You can’t answer that by reading logs after the fact. You have to instrument for it up front. And no single tool covers it — the honest answer is a small stack of them, each doing the one thing it’s good at.

Four questions, four layers

The mistake is looking for one dashboard that does everything. Observability for agents splits into four distinct questions, and they want different tools.

“What was the call graph and where did the time go?” This is distributed tracing. You want an automatic span hierarchy — invocation → agent run → model call → tool execution — so you can see the whole trajectory as a tree and spot the slow hop. Most agent frameworks can emit this to a standard tracing backend with little custom code. Standardise on OpenTelemetry-style spans so you’re not locked in.

“What is this costing, and how do real users experience it?” This is product analytics, and tracing won’t give it to you. You want per-generation and per-user cost, token counts, p50/p95 latency, and — the part that’s easy to miss — the ability to tie all of that back to actual user sessions and funnels. That means emitting your own events (model.run, tool.call, agent.error) with a consistent schema: trace id, user id, latency, tokens in/out, cost, model, status. Now “is the agent worth what it costs?” is a query, not a guess.

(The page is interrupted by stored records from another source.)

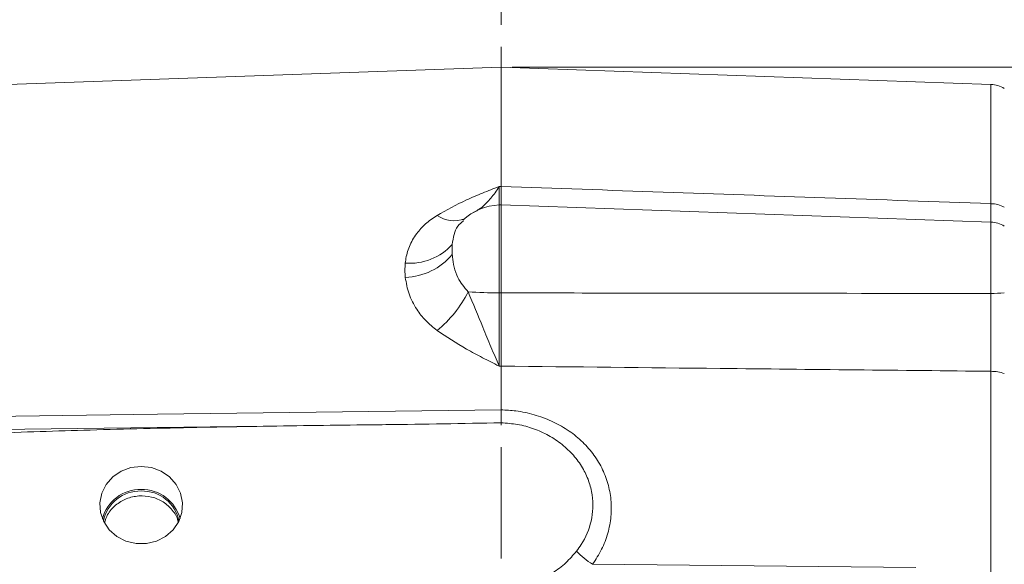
# Model space of a CAD drawing. Header units: inches. Extents: x 0.3 to 33.9, y 0.2 to 21.6.
# Tile 12 of 28: x 20.8 to 25.2, y 11.3 to 13.7. Entities that reach past the tile are written whole.
import ezdxf

# ---------------------------------------------------------------- set-up
doc = ezdxf.new("R2010")
doc.units = ezdxf.units.IN
doc.header["$MEASUREMENT"] = 0
doc.linetypes.add('CENTERX2', pattern=[0.8, 0.5, -0.1, 0.1, -0.1])
doc.layers.add('SLD-0', color=7, linetype='Continuous', lineweight=15)
doc.styles.add('SLDTEXTSTYLE0', font='TXT', dxfattribs={"width": 0.75})
doc.dimstyles.new('SLDDIMSTYLE0', dxfattribs={"dimtxt": 0.25, "dimasz": 0.13, "dimexe": 0, "dimexo": 0.0625, "dimgap": 0.0625, "dimtad": 0, "dimtih": 1, "dimtoh": 1, "dimrnd": 1e-09, "dimzin": 12, "dimdsep": 46, "dimtxsty": 'SLDTEXTSTYLE0', "dimsah": 1, "dimcen": 0.09, "dimadec": 0, "dimazin": 3, "dimtfac": 1, "dimtofl": 0, "dimtmove": 0, "dimatfit": 3, "dimfxl": 1, "dimfrac": 2, "dimtolj": 1, "dimtzin": 12, "dimarcsym": 0})

# ---------------------------------------------------------------- blocks, each defined once
blk = doc.blocks.new('_D_6')
at = {"layer": 'SLD-0'}
for p, q in [((16.4125, 13.0587), (16.4125, 15.5199)), ((19.1126, 15.4317), (19.0618, 15.4317)), ((19.0618, 15.4317), (19.0618, 15.0349)), ((20.2555, 15.4317), (20.3063, 15.4317)), ((20.3063, 15.4317), (20.3063, 15.0349)), ((16.4125, 15.3949), (18.973, 15.3949)), ((22.9555, 15.3949), (20.3951, 15.3949)), ((19.0618, 15.0349), (19.1126, 15.0349)), ((20.3063, 15.0349), (20.2555, 15.0349))]:
    blk.add_line(p, q, dxfattribs=at)
for points in [[(16.4125, 15.3949), (16.5425, 15.3749), (16.5425, 15.4149)], [(22.9555, 15.3949), (22.8255, 15.4149), (22.8255, 15.3749)]]:
    blk.add_solid(points, dxfattribs=at)
at = {"layer": 'SLD-0', "char_height": 0.25, "attachment_point": 1, "style": 'SLDTEXTSTYLE0'}
for s, insert in [('6.54', (19.2592, 15.8048, -1.544)), ('166.19', (19.1761, 15.3571, -1.544))]:
    blk.add_mtext(s, dxfattribs=dict(at, insert=insert))
blk = doc.blocks.new('_D_7')
at = {"layer": 'SLD-0'}
for p, q in [((26.938, 12.1142), (26.938, 15.5199)), ((24.3753, 15.4317), (24.3245, 15.4317)), ((24.3245, 15.4317), (24.3245, 15.0349)), ((25.5183, 15.4317), (25.569, 15.4317)), ((25.569, 15.4317), (25.569, 15.0349)), ((22.9555, 15.3949), (24.2357, 15.3949)), ((26.938, 15.3949), (25.6578, 15.3949)), ((24.3245, 15.0349), (24.3753, 15.0349)), ((25.569, 15.0349), (25.5183, 15.0349))]:
    blk.add_line(p, q, dxfattribs=at)
for points in [[(22.9555, 15.3949), (23.0855, 15.3749), (23.0855, 15.4149)], [(26.938, 15.3949), (26.808, 15.4149), (26.808, 15.3749)]]:
    blk.add_solid(points, dxfattribs=at)
at = {"layer": 'SLD-0', "char_height": 0.25, "attachment_point": 1, "style": 'SLDTEXTSTYLE0'}
for s, insert in [('3.98', (24.522, 15.8048, -1.544)), ('101.16', (24.4388, 15.3571, -1.544))]:
    blk.add_mtext(s, dxfattribs=dict(at, insert=insert))
blk = doc.blocks.new('_D_8')
at = {"layer": 'SLD-0'}
for p, q in [((18.3875, 12.6207), (18.3875, 14.2865)), ((20.1001, 14.1983), (20.0493, 14.1983)), ((20.0493, 14.1983), (20.0493, 13.8014)), ((21.243, 14.1983), (21.2938, 14.1983)), ((21.2938, 14.1983), (21.2938, 13.8014)), ((18.3875, 14.1615), (19.9605, 14.1615)), ((22.9555, 14.1615), (21.3826, 14.1615)), ((20.0493, 13.8014), (20.1001, 13.8014)), ((21.2938, 13.8014), (21.243, 13.8014))]:
    blk.add_line(p, q, dxfattribs=at)
for points in [[(18.3875, 14.1615), (18.5175, 14.1415), (18.5175, 14.1815)], [(22.9555, 14.1615), (22.8255, 14.1815), (22.8255, 14.1415)]]:
    blk.add_solid(points, dxfattribs=at)
at = {"layer": 'SLD-0', "char_height": 0.25, "attachment_point": 1, "style": 'SLDTEXTSTYLE0'}
for s, insert in [('4.57', (20.2467, 14.5714, -1.544)), ('116.03', (20.1636, 14.1237, -1.544))]:
    blk.add_mtext(s, dxfattribs=dict(at, insert=insert))
blk = doc.blocks.new('_D_9')
at = {"layer": 'SLD-0'}
for p, q in [((25.53, 13.4437), (25.53, 14.2865)), ((23.7637, 14.1983), (23.7129, 14.1983)), ((23.7129, 14.1983), (23.7129, 13.8014)), ((24.7219, 14.1983), (24.7727, 14.1983)), ((24.7727, 14.1983), (24.7727, 13.8014)), ((22.9555, 14.1615), (23.6241, 14.1615)), ((25.53, 14.1615), (24.8615, 14.1615)), ((23.7129, 13.8014), (23.7637, 13.8014)), ((24.7727, 13.8014), (24.7219, 13.8014))]:
    blk.add_line(p, q, dxfattribs=at)
for points in [[(22.9555, 14.1615), (23.0855, 14.1415), (23.0855, 14.1815)], [(25.53, 14.1615), (25.4, 14.1815), (25.4, 14.1415)]]:
    blk.add_solid(points, dxfattribs=at)
at = {"layer": 'SLD-0', "char_height": 0.25, "attachment_point": 1, "style": 'SLDTEXTSTYLE0'}
for s, insert in [('2.57', (23.818, 14.5714, -1.544)), ('65.39', (23.8272, 14.1237, -1.544))]:
    blk.add_mtext(s, dxfattribs=dict(at, insert=insert))
blk = doc.blocks.new('_D_10')
at = {"layer": 'SLD-0'}
for p, q in [((23.0055, 13.5316), (31.06, 13.5316)), ((30.935, 13.5316), (30.935, 10.1526)), ((30.3636, 9.7786), (30.3128, 9.7786)), ((30.3128, 9.7786), (30.3128, 9.3817)), ((31.5065, 9.7786), (31.5573, 9.7786)), ((31.5573, 9.7786), (31.5573, 9.3817)), ((30.3128, 9.3817), (30.3636, 9.3817)), ((31.5573, 9.3817), (31.5065, 9.3817)), ((30.935, 5.952), (30.935, 9.3309)), ((26.5026, 5.952), (31.06, 5.952))]:
    blk.add_line(p, q, dxfattribs=at)
for points in [[(30.935, 13.5316), (30.915, 13.4016), (30.955, 13.4016)], [(30.935, 5.952), (30.955, 6.082), (30.915, 6.082)]]:
    blk.add_solid(points, dxfattribs=at)
at = {"layer": 'SLD-0', "char_height": 0.25, "attachment_point": 1, "style": 'SLDTEXTSTYLE0'}
for s, insert in [('7.58', (30.5102, 10.1516, -1.544)), ('192.52', (30.4271, 9.704, -1.544))]:
    blk.add_mtext(s, dxfattribs=dict(at, insert=insert))

msp = doc.modelspace()

# ---------------------------------------------------------------- linework, layer by layer
at = {"color": 7, "linetype": 'Continuous', "lineweight": 15}
for p, q in [((22.9555, 13.5316), (19.4069, 13.4077)), ((25.1597, 13.4546), (22.9555, 13.5316)), ((22.9555, 12.9956), (22.9555, 13.5316)), ((22.9468, 12.9953), (22.9555, 12.9956)), ((22.9555, 12.9126), (22.9468, 12.9123)), ((25.1597, 12.8356), (22.9555, 12.9126)), ((22.9555, 12.9126), (22.9555, 12.5171)), ((22.9468, 12.5171), (22.9555, 12.5171)), ((22.9555, 12.1878), (22.9468, 12.1877)), ((22.9555, 11.9911), (22.9555, 12.1878)), ((25.1597, 8.7387), (25.1597, 12.1645)), ((22.9555, 11.9911), (22.9555, 11.9911)), ((22.0039, 11.9193), (20.2067, 11.8966)), ((24.8214, 11.2826), (23.3672, 11.2966))]:
    msp.add_line(p, q, dxfattribs=at)
at = {"color": 8, "linetype": 'Continuous', "lineweight": 15}
for p, q in [((25.1597, 12.9182), (25.1597, 13.4546)), ((22.9468, 12.9123), (22.9468, 12.5171)), ((25.1597, 12.5146), (25.1597, 12.8356))]:
    msp.add_line(p, q, dxfattribs=at)
at = {"color": 7, "linetype": 'Continuous', "lineweight": 15, "flags": 128}
for points in [[(20.2097, 11.9558), (20.4496, 11.9589), (21.409, 11.9712), (22.9555, 11.9911)], [(21.3355, 11.7369), (21.2891, 11.7314), (21.2456, 11.7153), (21.2077, 11.6896), (21.1779, 11.6559), (21.158, 11.6164), (21.1492, 11.5735), (21.1521, 11.5299), (21.1666, 11.4883), (21.1917, 11.4514), (21.2258, 11.4215), (21.2668, 11.4005), (21.3121, 11.3896), (21.3589, 11.3896), (21.4043, 11.4005), (21.4453, 11.4215), (21.4794, 11.4514), (21.5045, 11.4883), (21.519, 11.5299), (21.5219, 11.5735), (21.5131, 11.6164), (21.4932, 11.6559), (21.4634, 11.6896), (21.4255, 11.7153), (21.382, 11.7314), (21.3355, 11.7369)]]:
    msp.add_lwpolyline(points, dxfattribs=at)
at = {"color": 7, "linetype": 'Continuous', "lineweight": 15}
for centre, radius, start, end in [((25.1555, 13.3347), 0.12, 57.4864, 88), ((22.9555, 12.6625), 0.25, 92, 133.4921), ((25.1564, 12.7792), 0.139, 62.7511, 88.6215), ((25.1555, 12.7157), 0.12, 57.4864, 88), ((22.5437, 12.9085), 0.2586, 265.6604, 317.8805), ((22.514, 12.8758), 0.2895, 271.9958, 319.9014), ((22.3468, 12.7496), 0.5134, 308.5679, 333.654), ((22.9483, 14.6593), 2.1422, 266.2144, 269.9615), ((25.1581, 13.3015), 0.7869, 270.1194, 274.5154), ((25.1573, 11.9752), 0.1893, 70.6431, 89.2618), ((21.3306, 11.4574), 0.1752, 88.3931, 165.6461), ((21.3306, 11.4583), 0.1681, 88.311, 169.0106), ((21.3405, 11.4574), 0.1752, 14.3539, 91.6069), ((21.3405, 11.4583), 0.1681, 10.9894, 91.689), ((23.5873, 11.6415), 0.4092, 224.3358, 237.4492)]:
    msp.add_arc(centre, radius, start, end, dxfattribs=at)
at = {"color": 8, "linetype": 'Continuous', "lineweight": 15}
msp.add_arc((22.7432, 12.9756), 0.134, 235.2393, 290.6814, dxfattribs=at)
at = {"color": 7, "linetype": 'Continuous', "lineweight": 15}
for points, knots in [([(22.6668, 12.8656), (22.7102, 12.8896), (22.7757, 12.926), (22.872, 12.9661), (22.9215, 12.9856), (22.9466, 12.9952), (22.9468, 12.9953)], [0, 0, 0, 0, 0.493398, 0.745029, 0.997453, 1, 1, 1, 1]), ([(22.9555, 12.9956), (22.9555, 12.9808), (22.9555, 12.9507), (22.9555, 12.9217), (22.9555, 12.9141), (22.9555, 12.9103)], [0, 0, 0, 0, 0.329952, 0.67005, 1, 1, 1, 1]), ([(22.9555, 12.9956), (23.4413, 12.9786), (24.1761, 12.9529), (24.9108, 12.927), (25.1597, 12.9182)], [0, 0, 0, 0, 0.661168, 1, 1, 1, 1]), ([(22.5241, 12.6507), (22.5247, 12.6553), (22.5278, 12.6808), (22.5404, 12.7267), (22.5711, 12.7812), (22.6132, 12.8286), (22.6488, 12.8531), (22.6668, 12.8656)], [0, 0, 0, 0, 0.054789, 0.306864, 0.566571, 0.779999, 1, 1, 1, 1]), ([(22.7355, 12.6893), (22.7357, 12.6859), (22.7372, 12.6676), (22.7433, 12.6329), (22.761, 12.5771), (22.7897, 12.5424), (22.8068, 12.5218)], [0, 0, 0, 0, 0.0616032, 0.3284686, 0.6011933, 1, 1, 1, 1]), ([(22.6668, 12.3482), (22.6493, 12.3624), (22.6137, 12.3913), (22.5705, 12.4471), (22.5368, 12.513), (22.5284, 12.5617), (22.5241, 12.5865)], [0, 0, 0, 0, 0.21336, 0.43352, 0.711269, 1, 1, 1, 1]), ([(22.8068, 12.5218), (22.8293, 12.4682), (22.8647, 12.3838), (22.9102, 12.2723), (22.9343, 12.2156), (22.9467, 12.1879), (22.9468, 12.1877)], [0, 0, 0, 0, 0.458943, 0.721865, 0.99767, 1, 1, 1, 1]), ([(22.9468, 12.5171), (22.9467, 12.4894), (22.9464, 12.4332), (22.9462, 12.3485), (22.9463, 12.2644), (22.9467, 12.2135), (22.9468, 12.1877)], [0, 0, 0, 0, 0.239385, 0.485722, 0.738731, 1, 1, 1, 1]), ([(22.9555, 12.5171), (22.9555, 12.4886), (22.9555, 12.4308), (22.9555, 12.3453), (22.9555, 12.2623), (22.9555, 12.2129), (22.9555, 12.1878)], [0, 0, 0, 0, 0.246215, 0.500001, 0.746214, 1, 1, 1, 1]), ([(22.9555, 12.5171), (23.3447, 12.5164), (24.0794, 12.5152), (24.8142, 12.5148), (25.1597, 12.5146)], [0, 0, 0, 0, 0.5296757, 1, 1, 1, 1]), ([(25.1597, 12.1645), (25.1598, 12.1902), (25.16, 12.2425), (25.1601, 12.33), (25.16, 12.422), (25.1598, 12.4834), (25.1597, 12.5146)], [0, 0, 0, 0, 0.245724, 0.500002, 0.745724, 1, 1, 1, 1]), ([(22.9468, 12.1877), (22.9466, 12.1878), (22.9215, 12.2003), (22.872, 12.2254), (22.7757, 12.2758), (22.7102, 12.3194), (22.6668, 12.3482)], [0, 0, 0, 0, 0.002547, 0.254971, 0.506602, 1, 1, 1, 1]), ([(25.1597, 12.1645), (24.7538, 12.1687), (24.019, 12.1764), (23.2843, 12.1842), (22.9555, 12.1878)], [0, 0, 0, 0, 0.55255, 1, 1, 1, 1]), ([(22.9555, 11.9911), (22.9555, 11.9801), (22.9555, 11.9581), (22.9554, 11.9395), (22.9554, 11.9346), (22.9554, 11.9327)], [0, 0, 0, 0, 0.3814751, 0.7629458, 1, 1, 1, 1]), ([(22.9555, 11.9911), (22.9777, 11.9899), (23.0278, 11.9873), (23.1044, 11.9708), (23.1825, 11.9426), (23.2541, 11.9031), (23.317, 11.854), (23.3694, 11.7962), (23.4101, 11.7315), (23.4377, 11.6611), (23.452, 11.5871), (23.4519, 11.5111), (23.4377, 11.4357), (23.4102, 11.3627), (23.3815, 11.3186), (23.3672, 11.2966)], [0, 0, 0, 0, 0.063203, 0.143144, 0.223081, 0.302355, 0.381619, 0.459397, 0.53716, 0.614037, 0.690903, 0.767944, 0.844988, 0.922487, 1, 1, 1, 1]), ([(22.3053, 11.923), (22.2253, 11.922), (21.9854, 11.9192), (21.5854, 11.9126), (21.1152, 11.9011), (20.6546, 11.8868), (20.3544, 11.8681), (20.2043, 11.8587)], [0, 0, 0, 0, 0.114153, 0.342459, 0.570778, 0.785343, 1, 1, 1, 1]), ([(22.3053, 11.923), (22.3492, 11.9235), (22.566, 11.9259), (22.7827, 11.9297), (22.9554, 11.9327)], [0, 0, 0, 0, 0.202656, 1, 1, 1, 1]), ([(22.9554, 11.9327), (22.9803, 11.931), (23.03, 11.9275), (23.1022, 11.9079), (23.1698, 11.8776), (23.2305, 11.8372), (23.2821, 11.7878), (23.3228, 11.7324), (23.3512, 11.6719), (23.3718, 11.5914), (23.3674, 11.4907), (23.3319, 11.4062), (23.3018, 11.3652), (23.2947, 11.3555)], [0, 0, 0, 0, 0.085884, 0.171755, 0.257899, 0.34403, 0.427911, 0.511758, 0.59136, 0.670928, 0.816442, 0.9565, 1, 1, 1, 1]), ([(21.5011, 11.4889), (21.5009, 11.4902), (21.4987, 11.5091), (21.4767, 11.5417), (21.4367, 11.5794), (21.3831, 11.6017), (21.3247, 11.6067), (21.2672, 11.5937), (21.2182, 11.5641), (21.1835, 11.5256), (21.1747, 11.4957), (21.171, 11.4832)], [0, 0, 0, 0, 0.008878, 0.136772, 0.265089, 0.393868, 0.522663, 0.651127, 0.779371, 0.90768, 1, 1, 1, 1]), ([(23.2947, 11.3555), (23.2793, 11.3377), (23.2481, 11.3014), (23.19, 11.2575), (23.1248, 11.2228), (23.0467, 11.1958), (22.9885, 11.1906), (22.9554, 11.1877)], [0, 0, 0, 0, 0.185119, 0.375609, 0.56021, 0.750399, 1, 1, 1, 1])]:
    msp.add_open_spline(points, degree=3, knots=knots, dxfattribs=at)
at = {"color": 8, "linetype": 'Continuous', "lineweight": 15}
for points, knots in [([(22.9468, 12.9953), (22.9467, 12.9952), (22.9343, 12.9758), (22.9101, 12.9423), (22.8716, 12.9012), (22.8437, 12.885), (22.8285, 12.8763)], [0, 0, 0, 0, 0.002742, 0.32721, 0.636521, 1, 1, 1, 1]), ([(22.9468, 12.9953), (22.9468, 12.9944), (22.9466, 12.9779), (22.9464, 12.9497), (22.9462, 12.9222), (22.9463, 12.9085), (22.9465, 12.9099), (22.9466, 12.9103)], [0, 0, 0, 0, 0.016586, 0.293797, 0.57906, 0.864164, 1, 1, 1, 1]), ([(25.1599, 12.8306), (25.1599, 12.8301), (25.16, 12.8278), (25.16, 12.841), (25.16, 12.8693), (25.1598, 12.9017), (25.1597, 12.9182)], [0, 0, 0, 0, 0.083996, 0.392794, 0.691203, 1, 1, 1, 1]), ([(22.7855, 12.8413), (22.7767, 12.8336), (22.7556, 12.8154), (22.7418, 12.7796), (22.7376, 12.7501), (22.7355, 12.7351)], [0, 0, 0, 0, 0.2610821, 0.6249779, 1, 1, 1, 1])]:
    msp.add_open_spline(points, degree=3, knots=knots, dxfattribs=at)
at = {"color": 7, "linetype": 'Continuous', "lineweight": 15}
for points in [[(22.7355, 12.7351), (22.735, 12.7277), (22.7342, 12.713), (22.735, 12.6972), (22.7355, 12.6893)], [(22.5241, 12.5865), (22.5233, 12.5973), (22.5216, 12.6189), (22.5233, 12.6401), (22.5241, 12.6507)]]:
    msp.add_open_spline(points, degree=3, dxfattribs=at)
at = {"layer": 'SLD-0', "linetype": 'CENTERX2', "lineweight": 0}
msp.add_line((22.9555, 17.4229), (22.9555, 3.5928), dxfattribs=at)

# ---------------------------------------------------------------- dimensions: what is measured, and where the dimension line sits
at = {"layer": 'SLD-0'}
for base, p2, picture, middle in [((16.4125, 15.3949), (16.4125, 13.0087), '_D_6', (19.684, 15.3949)), ((18.3875, 14.1615), (18.3875, 12.5707), '_D_8', (20.6715, 14.1615)), ((26.938, 15.3949), (26.938, 12.0642), '_D_7', (24.9468, 15.3949)), ((25.53, 14.1615), (25.53, 13.3937), '_D_9', (24.2428, 14.1615))]:
    dim = msp.add_linear_dim(base=base, p1=(22.9555, 17.4229), p2=p2, dimstyle='SLDDIMSTYLE0', dxfattribs=at)
    dim.commit()
    dim.dimension.update_dxf_attribs({"geometry": picture, "text_midpoint": middle, "dimtype": 160})
dim = msp.add_linear_dim(base=(30.935, 13.5316), p1=(26.4526, 5.952), p2=(22.9555, 13.5316), angle=90, dimstyle='SLDDIMSTYLE0', dxfattribs=at)
dim.commit()
dim.dimension.update_dxf_attribs({"geometry": '_D_10', "text_midpoint": (30.935, 9.7418), "dimtype": 160})

doc.saveas('drawing.dxf')

“Is it actually correct?” Neither tracing nor analytics answers this — they tell you the system ran and what it spent, not whether the output was right. That’s structured evaluation: a set of cases run against the agent that score both the final response and the trajectory (did it call the right tools in the right order?). This is the layer that lets you say a change was an improvement instead of just different.

“What happened across the last three months?” Live trace UIs are built for the recent past, not cohort analysis. Export your events to a warehouse and historical trends, regressions, and per-cohort behaviour become ordinary SQL.

The thread that ties it together

The stack only works if the layers share a key. The single most valuable instrumentation decision is making sure every layer stamps the same trace id.

When your analytics event for a costly turn carries the same trace id as the tracing backend’s span tree, debugging stops being archaeology. You see a spike in cost or latency in the dashboard, grab the trace id, and pull up the exact span tree — which sub-agent, which tool call, how long each hop took. Without that shared key you have two disconnected stories about the same event and a lot of guessing in between.

Evals belong in CI

The piece teams skip is wiring structured evaluation into continuous integration. It’s tempting to treat evals as a thing you run by hand when you’re worried. That defeats the purpose.

The point of an eval set is repeatability — catching the regression the moment a prompt tweak or model swap introduces it, not three weeks later when a user reports it. Start small: three to five of your most important flows, scored on the outcome that actually matters. Run them on every change. The first time an eval catches a regression a human would have shipped, it pays for the entire effort.

Why bother with all of it

It looks like a lot of plumbing for something that “already works in the demo.” But these four layers are what let you do the things that make an agent a real product rather than a fragile prototype: debug a bottleneck by looking instead of guessing, adopt a new model in an afternoon because your evals will catch any regression, and tell a stakeholder — with a number, not a feeling — exactly how reliable and how expensive the system is.

That’s not overhead on top of the product. For anything agentic in production, it is the product.